Ouri Jallow starb sehr, sehr langsam. Minutenlang rüttelte er an seinen Hand- und Fußfesseln, um der Feuerhölle im Dessauer Polizeirevier zu entkommen. Die Matte unter seinem an vier Punkten fixierten Körper stand in Flammen, aus eigener Kraft war eine Rettung unmöglich. Bei Temperaturen von bis zu 330 Grad Celsius erlitt der Afrikaner aus Sierra Leone einen tödlichen Hitzeschock.

Der Fall ereignete sich im Januar im sachsen-anhaltinischen Dessau. Inzwischen ist sich die Staatsanwaltschaft sicher, dass das Opfer die Matte selbst anzündete - aber der dramatische Ausgang durchaus zu verhindern gewesen wäre. Gegen den Dienstgruppenleiter des Reviers wurde Anklage wegen Körperverletzung mit Todesfolge erhoben, weil er den Brand zu spät bemerkt hatte. Einem Beamten wird fahrlässige Tötung vorgeworfen - er soll ein Feuerzeug bei Jallow übersehen haben.

Doch mit der Anklage gegen die zwei Polizisten sind längst nicht alle Merkwürdigkeiten geklärt, die sich um den Fall ranken. Bei einer zweiten Obduktion des Leichnams im Auftrag der Angehörigen fand der Frankfurter Gerichtsmediziner Hansjürgen Bratzke bei einer computertomografischen Durchleuchtung einen zuvor nicht entdeckten Bruch des Nasenbeins.
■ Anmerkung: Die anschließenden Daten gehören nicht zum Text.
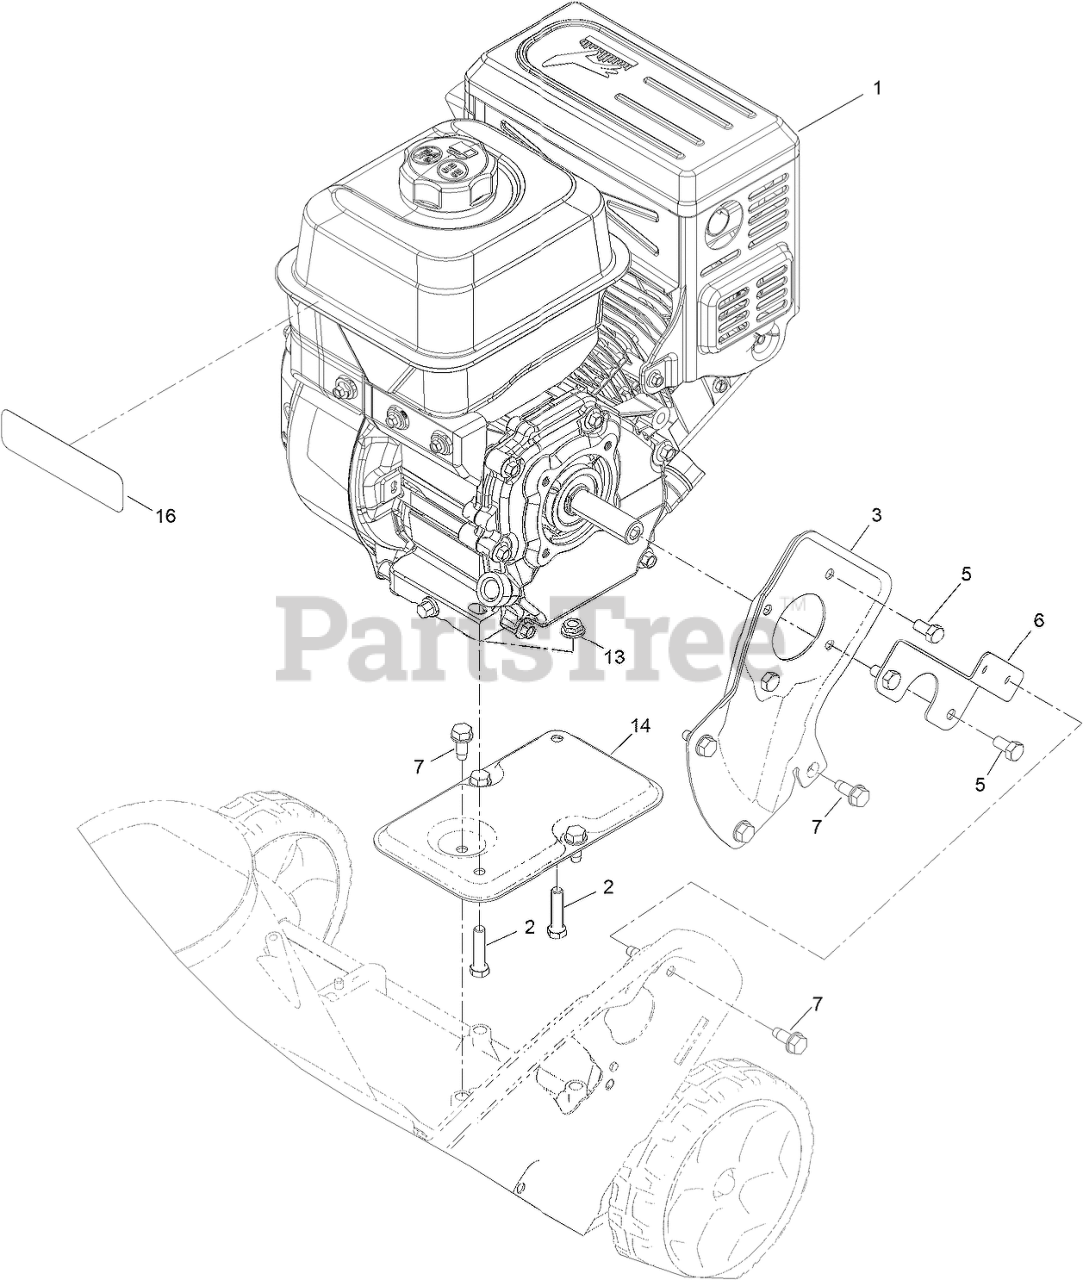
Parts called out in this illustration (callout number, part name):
1	ENGINE-G250FDS-4
2	SCREW-HH
3	PLATE-ENGINE, PTO
5	BOLT
6	SUPPORT-ENGINE, SIDE
7	SCREW-THD ROLL, HWH
13	NUT-HF
14	SUPPORT-ENGINE
16	DECAL-ENGINE

Es war, so viel ist sicher, kein alter Bruch. Dem Mediziner fielen auch die zerstörten Trommelfelle des Afrikaners und Einbrüche an den Siebbeinplatten der Nase auf. Die Verletzungen könnten jedoch von der ersten Obduktion stammen.

Jallow hatte sich bei seiner Einlieferung erheblich gewehrt. Der Afrikaner, der schon mehrfach wegen Drogendelikten aufgegriffen worden war, sei auf der Wache mit dem Kopf gegen Wand und Tisch geschlagen, berichten die Polizisten. Ein angeforderter Arzt erkannte jedoch keine Fraktur, wobei er den Mann - der Frauen im Park betrunken belästigt haben soll - wohl nur oberflächlich ansah.
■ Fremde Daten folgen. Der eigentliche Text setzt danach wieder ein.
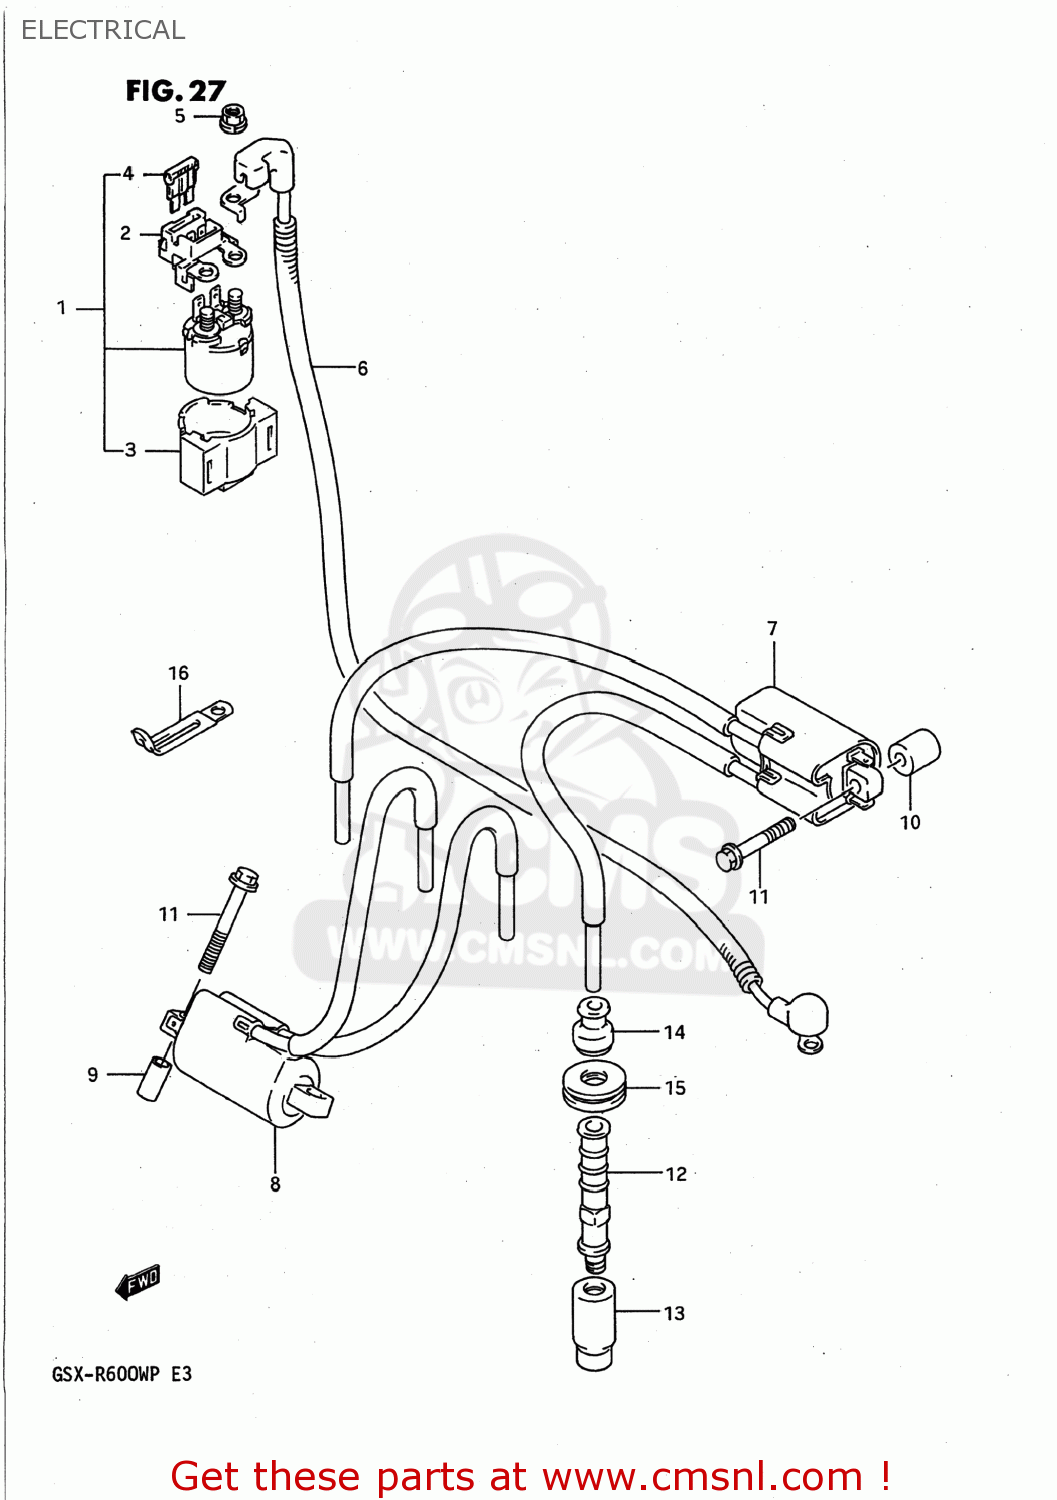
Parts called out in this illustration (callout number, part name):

Weil Jallow - mit 2,98 Promille Alkohol und Spuren von Cannabis und Kokain im Blut - zunehmend aggressiv wurde, war die Untersuchung schwierig. Der Arzt legte fest, dass der Gefangene im Gewahrsam fixiert bleiben sollte, damit er sich nicht verletze. Für die Berliner Anwältin Regina Götz ein Unding: "Ouri Jallow hätte in diesem Zustand nicht gefesselt werden dürfen. Die Untersuchung war viel zu oberflächlich."

Den Ermittlern fiel der Arzt auch auf - als sie den mitgeschnittenen Telefonverkehr der Wache an jenem Tag abhörten. Es ist der Anruf, mit dem der Neurologe zum Revier beordert wurde.
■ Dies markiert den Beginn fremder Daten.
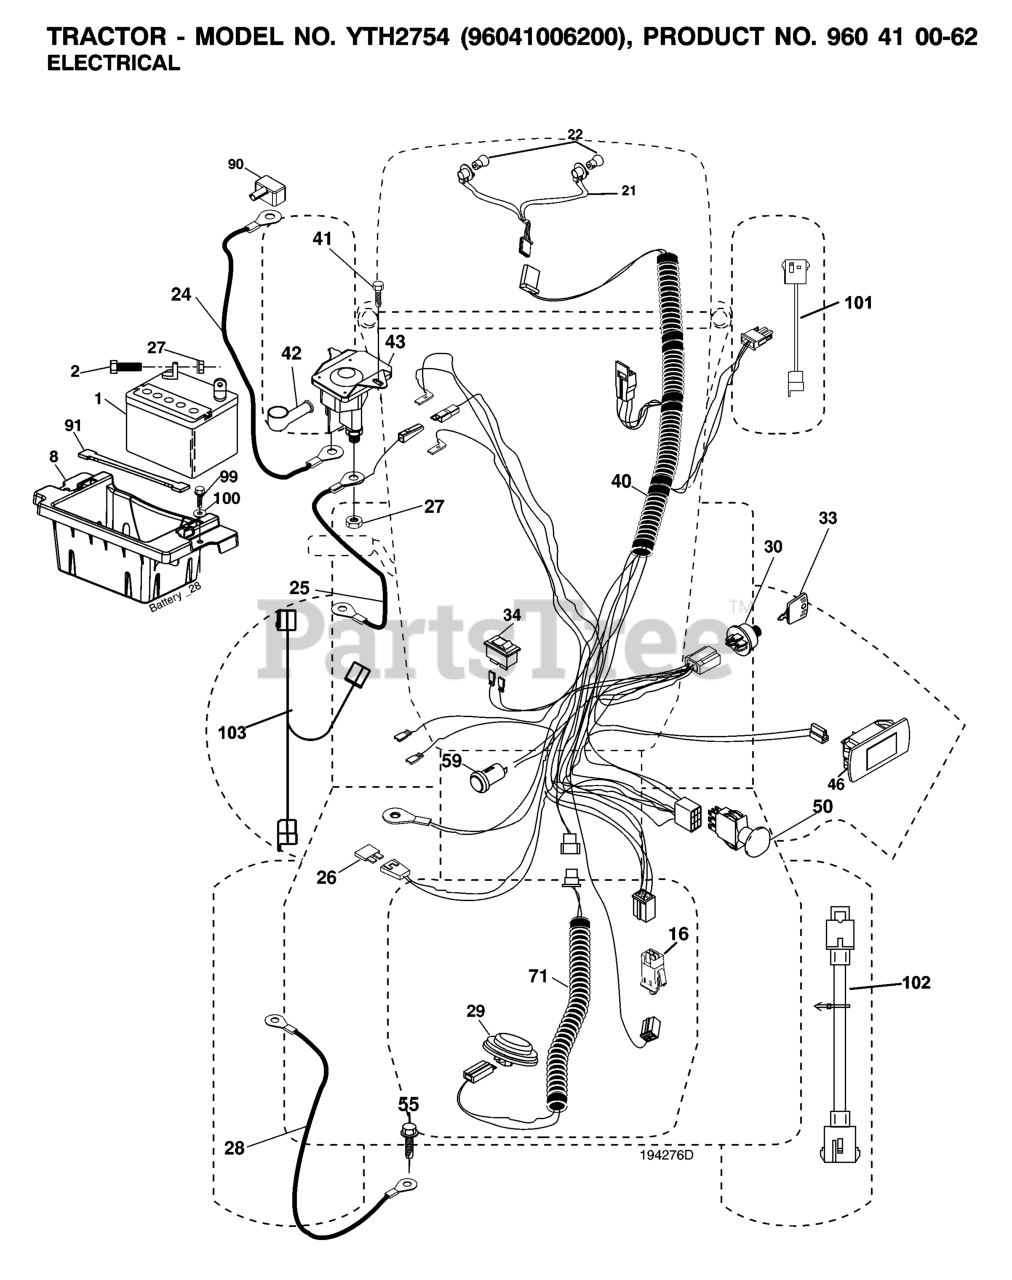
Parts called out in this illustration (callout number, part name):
1	BATTERY 12V .35 AMP
2	BOLT.HEX.1/4.X.3/4.DICHROMATE
8	BOX.BATTERY.MOUNT.FRONT.LT
16	SWITCH INTERLOOK PUSH-IN
21	HARNESS ASSY LIGHT
24	CABLE.BATT.POS.WIRE.TG.DA SOL
25	CABLE.START.RED.17.5".
26	FUSE 20AMP
27	NUT
28	CABLE GROUND 6 GA 21" 90T BLK
29	SWITCH.SEAT.DELTA.OPC.
30	SWITCH.IGN.DELTA.W.LGH.ROS
33	KEY MLD GEN DELTA
40	HARNESS.IGN.DASH.HUQ/P
41	SCREW
42	TERMINAL COVER
43	SOLENOID.W/BRASS.PLUNGER
46	RP.GUAGE.SRVCMNDR.HRMTR.
50	RP.PTO.SWITCH.8 TERMINAL.BLACK
55	SCREW 5/16"
59	OUTLET.12-VOLT
71	HARNESS-CHASSIS SUB
90	COVER.TERMINAL.BATTERY
91	STRAP.BATTERY.MOUNT.FRONT(2 2)
99	SCREW HEXWSHR 1/4-20X3/4
101	PIGTAIL.MATNLK.NEW.HAR
102	HARNESS PIGTAIL PCH TEX ROS
103	HARNESS PIGTAIL 12V OUTLET
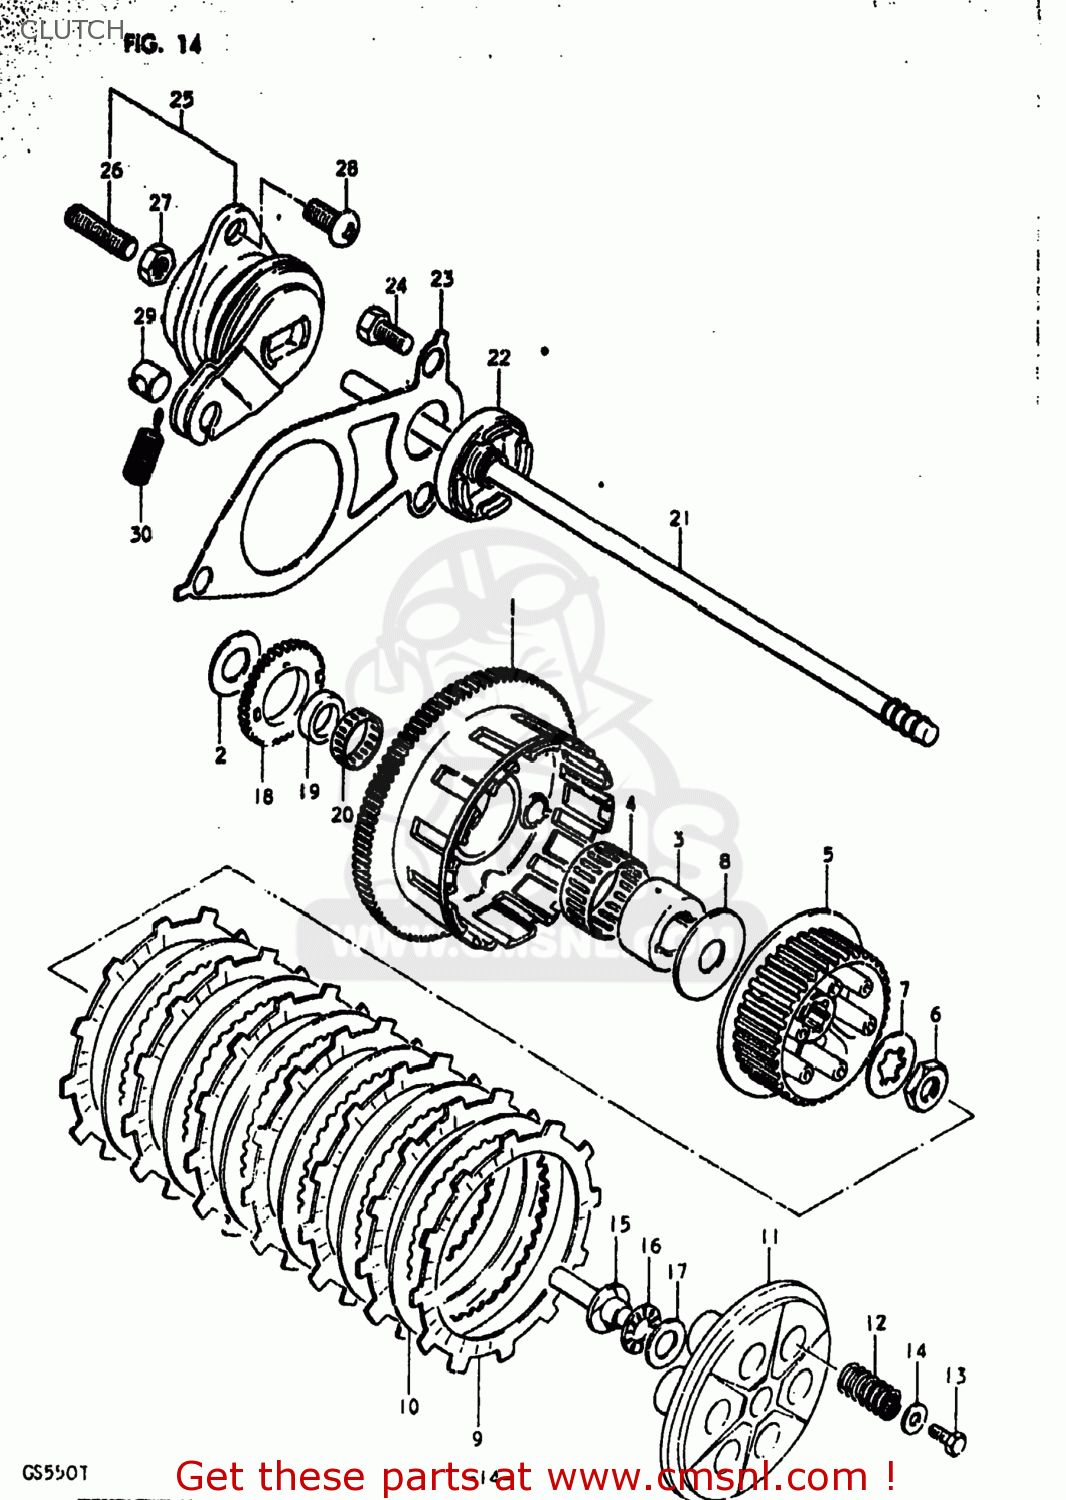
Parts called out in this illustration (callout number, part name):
1	GEAR ASSEMBLY,PRIMARY DRIVE NT:87
2	WASHER
3	SPACER,PRIMARY DRIVEN
5	HUB,CLUTCH SLEEVE
6	NUT
7	WASHER,LOCK
8	WASHER(25X66X3.5)
9	PLATE,CLUTCH DRIVE (NAS)
10	PLATE,CLUTCH DRIVEN (NAS)
11	DISC,CLUTCH PRESSURE
12	SPRING
13	BOLT, UPPER
14	WASHER
15	PIECE,CLUTCH PUSH
16	BEARING(15X28X2)
17	WASHER
18	GEAR,ENG OIL PUMP DRIVE(NT:38)
19	SPACER,OIL PUMP DRIVE GEAR
20	BEARING(36X40X10)
21	ROD,CLUTCH PUSH
22	OIL SEAL
23	PLATE,CLUTCH PUSH ROD
24	BOLT
25	SCREW ASSEMBLY,CLUTCH RELEASE
26	SCREW
27	NUT 6MM
28	SCREW 6X12
29	PIECE,RELEASE ARM END
30	SPRING

Polizei: "Wir bräuchten dich mal."

Arzt: "Was haste denn?"

Polizei: "Na, eine Blutentnahme."

Arzt: "Na, dann mach ich das."

Polizei: "Ja, pikste mal 'nen Schwarzafrikaner."

Arzt: "Ach du Scheiße."

Polizei: Lachen.

Arzt: "Da finde ich immer keine Vene bei den Dunkelhäutigen."

Polizei: "Na, bring doch 'ne Spezialkanüle mit."

Arzt: "Mach ich."

Es gibt einen zweiten, ähnlich schaurigen Mitschnitt von diesem Tag aus der Wache. Da hatte sich gerade herumgesprochen, dass im Zellentrakt etwas nicht stimmt und die Rettungsdienste alarmiert wurden:

"Hat er sich aufgehangen, oder was?"

"Nee, da brennt's."

"Wieso?"

"Weiß ich nicht. Die sind da runtergekommen, da war alles schwarzer Qualm."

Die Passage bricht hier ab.